▸ WORK REQUEST
Your reply should be an exact copy of the lines from the one that holds "[diagram p1: board, bottom" to the end of the data below.

▸ RECORDS FOR THE EXERCISE
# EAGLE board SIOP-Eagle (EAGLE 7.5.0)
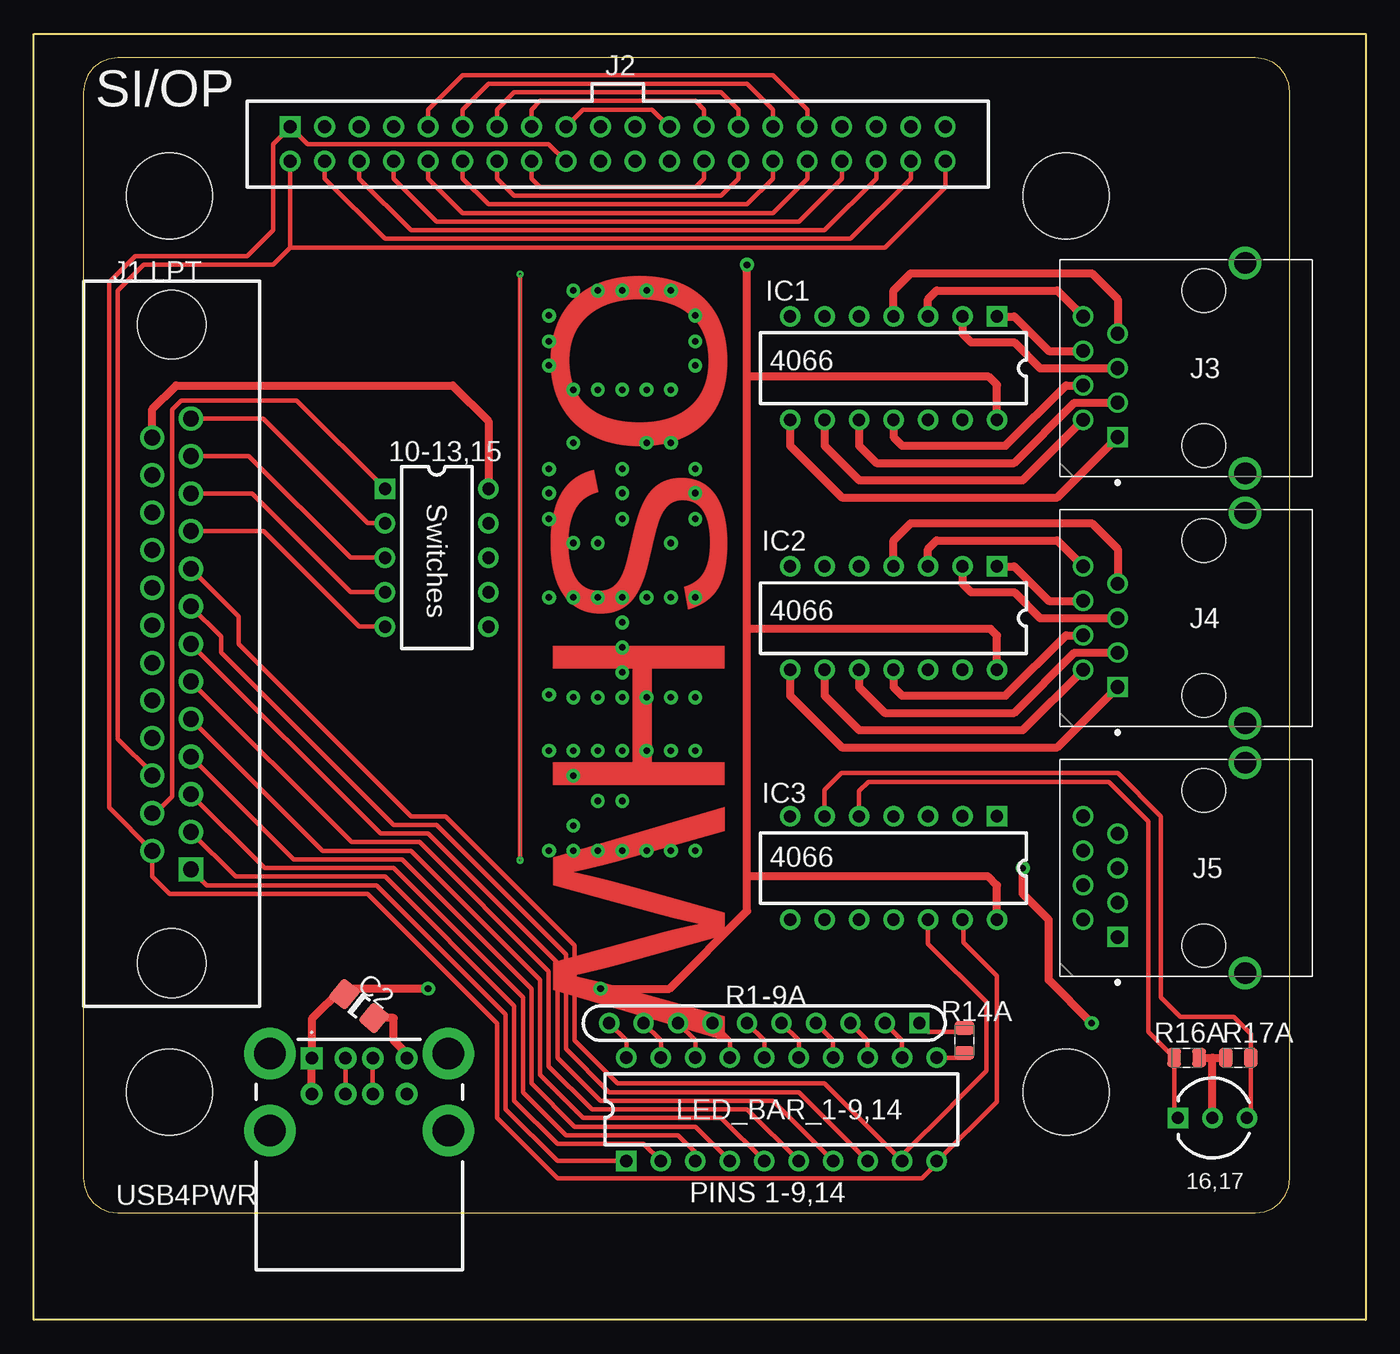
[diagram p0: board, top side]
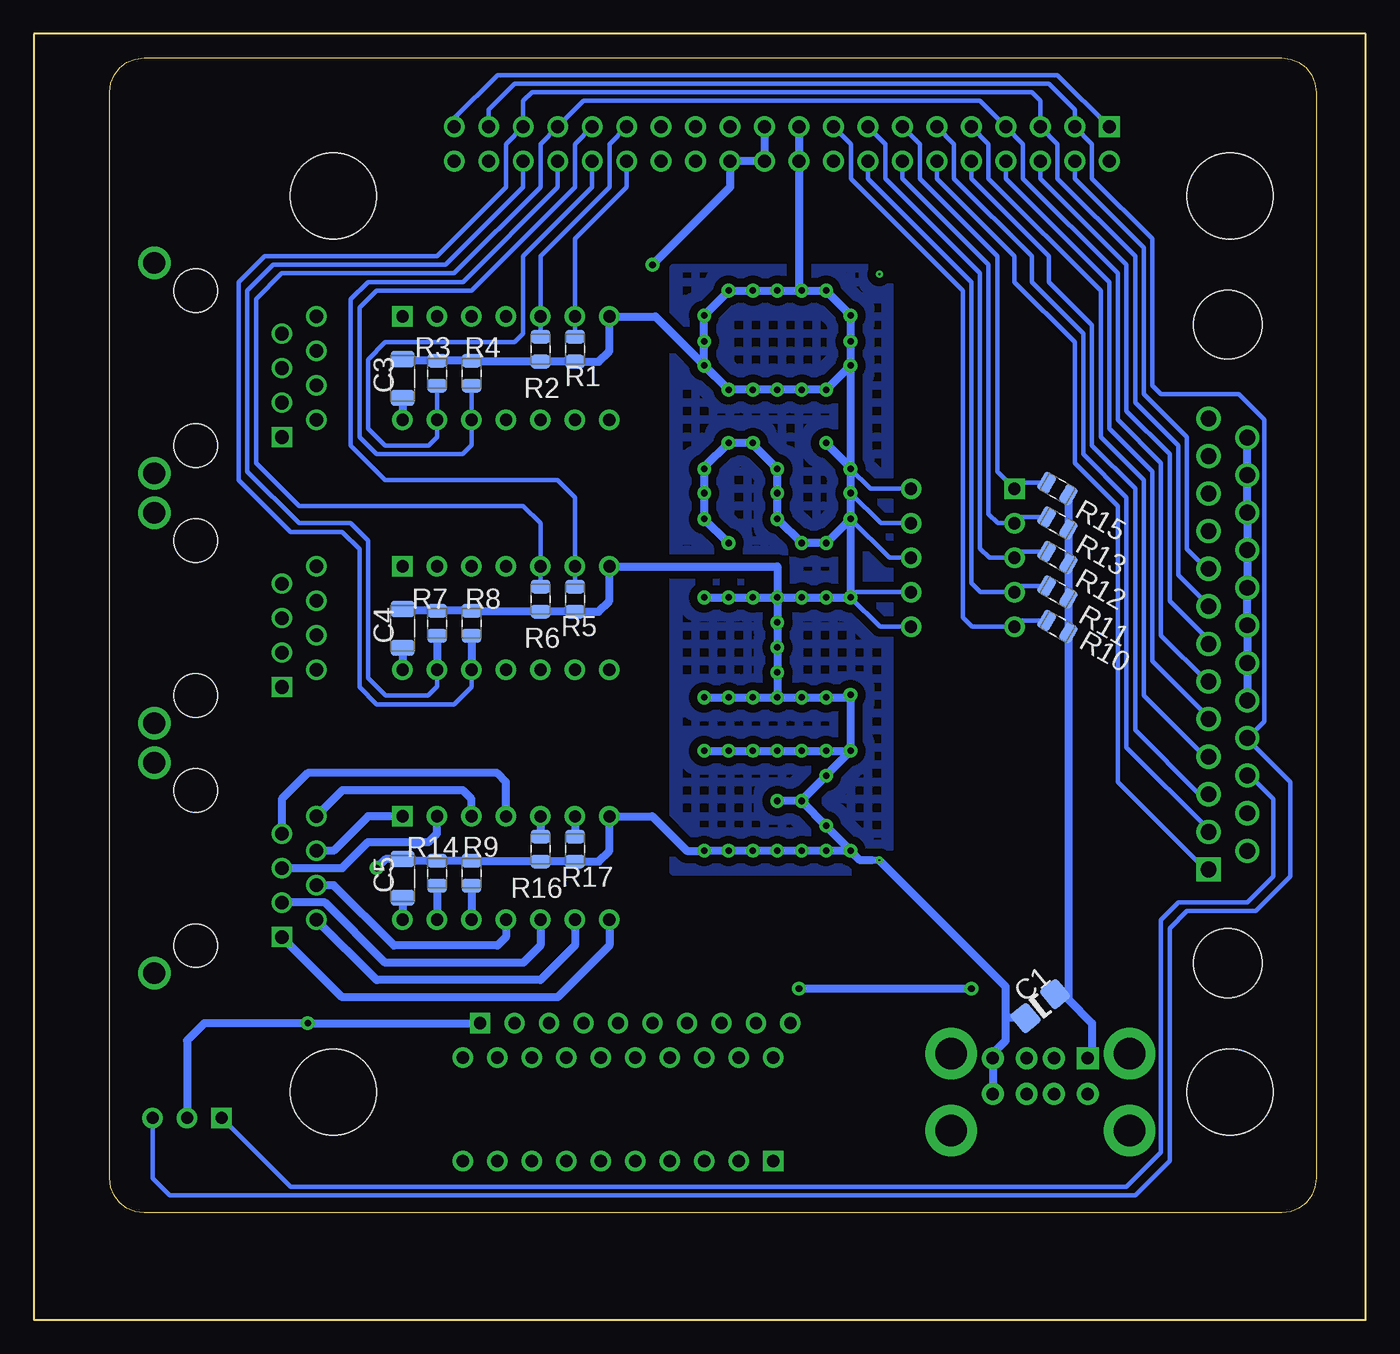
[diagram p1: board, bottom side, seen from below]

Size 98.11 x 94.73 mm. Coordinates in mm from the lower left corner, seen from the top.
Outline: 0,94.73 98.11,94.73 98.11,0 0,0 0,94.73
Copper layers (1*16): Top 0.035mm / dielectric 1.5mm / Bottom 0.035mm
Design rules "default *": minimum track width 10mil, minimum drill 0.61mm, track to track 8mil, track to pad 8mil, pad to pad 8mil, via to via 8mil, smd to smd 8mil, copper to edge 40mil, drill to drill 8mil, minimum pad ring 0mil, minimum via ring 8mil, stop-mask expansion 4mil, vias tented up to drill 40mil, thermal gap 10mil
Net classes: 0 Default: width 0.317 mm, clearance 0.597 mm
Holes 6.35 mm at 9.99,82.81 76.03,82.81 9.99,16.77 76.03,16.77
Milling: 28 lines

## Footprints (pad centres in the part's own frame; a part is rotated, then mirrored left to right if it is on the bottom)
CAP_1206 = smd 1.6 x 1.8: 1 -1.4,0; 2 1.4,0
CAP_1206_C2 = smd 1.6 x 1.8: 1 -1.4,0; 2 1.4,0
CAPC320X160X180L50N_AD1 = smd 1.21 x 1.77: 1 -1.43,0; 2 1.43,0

▸ ANSWER SPACE
[diagram p1: board, bottom side, seen from below]

Size 98.11 x 94.73 mm. Coordinates in mm from the lower left corner, seen from the top.
Outline: 0,94.73 98.11,94.73 98.11,0 0,0 0,94.73
Copper layers (1*16): Top 0.035mm / dielectric 1.5mm / Bottom 0.035mm
Design rules "default *": minimum track width 10mil, minimum drill 0.61mm, track to track 8mil, track to pad 8mil, pad to pad 8mil, via to via 8mil, smd to smd 8mil, copper to edge 40mil, drill to drill 8mil, minimum pad ring 0mil, minimum via ring 8mil, stop-mask expansion 4mil, vias tented up to drill 40mil, thermal gap 10mil
Net classes: 0 Default: width 0.317 mm, clearance 0.597 mm
Holes 6.35 mm at 9.99,82.81 76.03,82.81 9.99,16.77 76.03,16.77
Milling: 28 lines

## Footprints (pad centres in the part's own frame; a part is rotated, then mirrored left to right if it is on the bottom)
CAP_1206 = smd 1.6 x 1.8: 1 -1.4,0; 2 1.4,0
CAP_1206_C2 = smd 1.6 x 1.8: 1 -1.4,0; 2 1.4,0
CAPC320X160X180L50N_AD1 = smd 1.21 x 1.77: 1 -1.43,0; 2 1.43,0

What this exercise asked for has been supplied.